### [DATA FOR THIS EXERCISE]
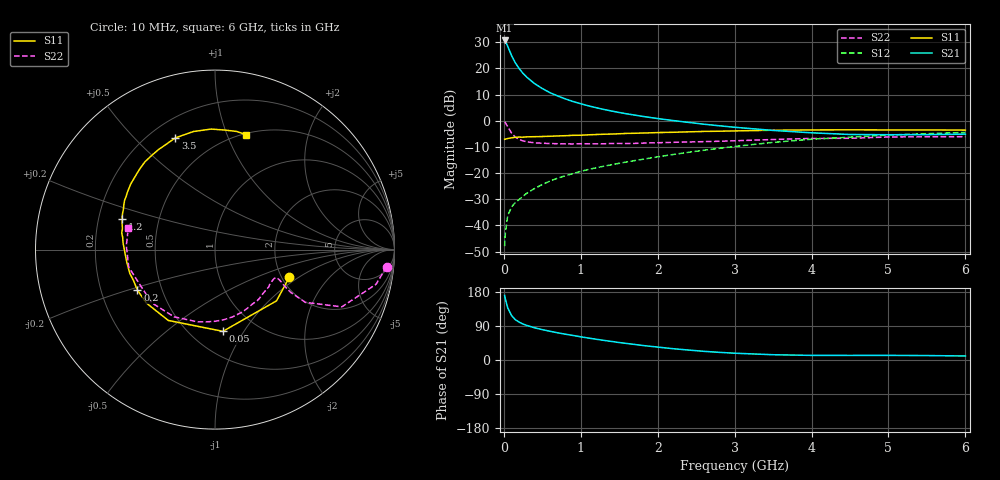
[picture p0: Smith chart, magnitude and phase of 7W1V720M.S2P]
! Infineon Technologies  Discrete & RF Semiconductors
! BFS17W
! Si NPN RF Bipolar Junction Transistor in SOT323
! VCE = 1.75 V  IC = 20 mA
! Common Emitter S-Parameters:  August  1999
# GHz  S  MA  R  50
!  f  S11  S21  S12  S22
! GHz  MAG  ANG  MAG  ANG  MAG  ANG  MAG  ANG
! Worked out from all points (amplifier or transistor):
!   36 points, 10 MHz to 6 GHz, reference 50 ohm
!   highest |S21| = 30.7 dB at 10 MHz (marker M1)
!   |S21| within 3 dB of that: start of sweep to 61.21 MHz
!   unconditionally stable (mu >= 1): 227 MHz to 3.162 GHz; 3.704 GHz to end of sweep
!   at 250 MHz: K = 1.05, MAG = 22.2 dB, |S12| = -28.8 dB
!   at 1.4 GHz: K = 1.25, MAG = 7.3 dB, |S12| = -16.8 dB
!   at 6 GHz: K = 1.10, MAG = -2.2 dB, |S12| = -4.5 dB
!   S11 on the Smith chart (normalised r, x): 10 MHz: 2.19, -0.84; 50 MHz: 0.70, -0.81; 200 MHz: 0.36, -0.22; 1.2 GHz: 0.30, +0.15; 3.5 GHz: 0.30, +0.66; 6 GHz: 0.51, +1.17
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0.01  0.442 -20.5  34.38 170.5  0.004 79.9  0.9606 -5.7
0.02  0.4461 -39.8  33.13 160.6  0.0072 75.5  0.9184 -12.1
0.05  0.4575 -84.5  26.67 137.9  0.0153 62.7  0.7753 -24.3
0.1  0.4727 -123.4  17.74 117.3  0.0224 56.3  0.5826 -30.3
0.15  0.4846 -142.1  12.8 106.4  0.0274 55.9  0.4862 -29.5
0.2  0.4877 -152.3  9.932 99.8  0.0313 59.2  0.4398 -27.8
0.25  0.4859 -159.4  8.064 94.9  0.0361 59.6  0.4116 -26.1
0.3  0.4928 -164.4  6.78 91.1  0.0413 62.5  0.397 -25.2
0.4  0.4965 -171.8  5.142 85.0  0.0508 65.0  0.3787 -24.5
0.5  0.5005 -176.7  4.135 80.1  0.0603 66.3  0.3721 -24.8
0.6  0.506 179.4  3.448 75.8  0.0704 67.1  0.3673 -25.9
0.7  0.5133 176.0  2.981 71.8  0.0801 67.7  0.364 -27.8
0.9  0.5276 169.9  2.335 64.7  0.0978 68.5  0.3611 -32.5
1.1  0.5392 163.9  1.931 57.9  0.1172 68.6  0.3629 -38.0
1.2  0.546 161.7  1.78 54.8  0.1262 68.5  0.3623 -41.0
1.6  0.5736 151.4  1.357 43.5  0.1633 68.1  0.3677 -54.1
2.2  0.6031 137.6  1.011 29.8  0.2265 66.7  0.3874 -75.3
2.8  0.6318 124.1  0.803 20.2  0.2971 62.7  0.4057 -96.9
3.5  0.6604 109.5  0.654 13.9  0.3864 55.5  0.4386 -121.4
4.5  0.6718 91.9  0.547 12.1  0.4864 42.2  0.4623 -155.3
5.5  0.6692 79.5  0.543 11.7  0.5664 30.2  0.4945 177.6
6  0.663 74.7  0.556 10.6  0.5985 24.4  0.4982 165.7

### [WHAT THE TASK REQUIRES]
Only the lines from the first line of the listing above through the line with "dB, |S12| = -4.5 dB" should be set down, exactly and without pictures.

### [OUTPUT BELOW]
[picture p0: Smith chart, magnitude and phase of 7W1V720M.S2P]
! Infineon Technologies  Discrete & RF Semiconductors
! BFS17W
! Si NPN RF Bipolar Junction Transistor in SOT323
! VCE = 1.75 V  IC = 20 mA
! Common Emitter S-Parameters:  August  1999
# GHz  S  MA  R  50
!  f  S11  S21  S12  S22
! GHz  MAG  ANG  MAG  ANG  MAG  ANG  MAG  ANG
! Worked out from all points (amplifier or transistor):
!   36 points, 10 MHz to 6 GHz, reference 50 ohm
!   highest |S21| = 30.7 dB at 10 MHz (marker M1)
!   |S21| within 3 dB of that: start of sweep to 61.21 MHz
!   unconditionally stable (mu >= 1): 227 MHz to 3.162 GHz; 3.704 GHz to end of sweep
!   at 250 MHz: K = 1.05, MAG = 22.2 dB, |S12| = -28.8 dB
!   at 1.4 GHz: K = 1.25, MAG = 7.3 dB, |S12| = -16.8 dB
!   at 6 GHz: K = 1.10, MAG = -2.2 dB, |S12| = -4.5 dB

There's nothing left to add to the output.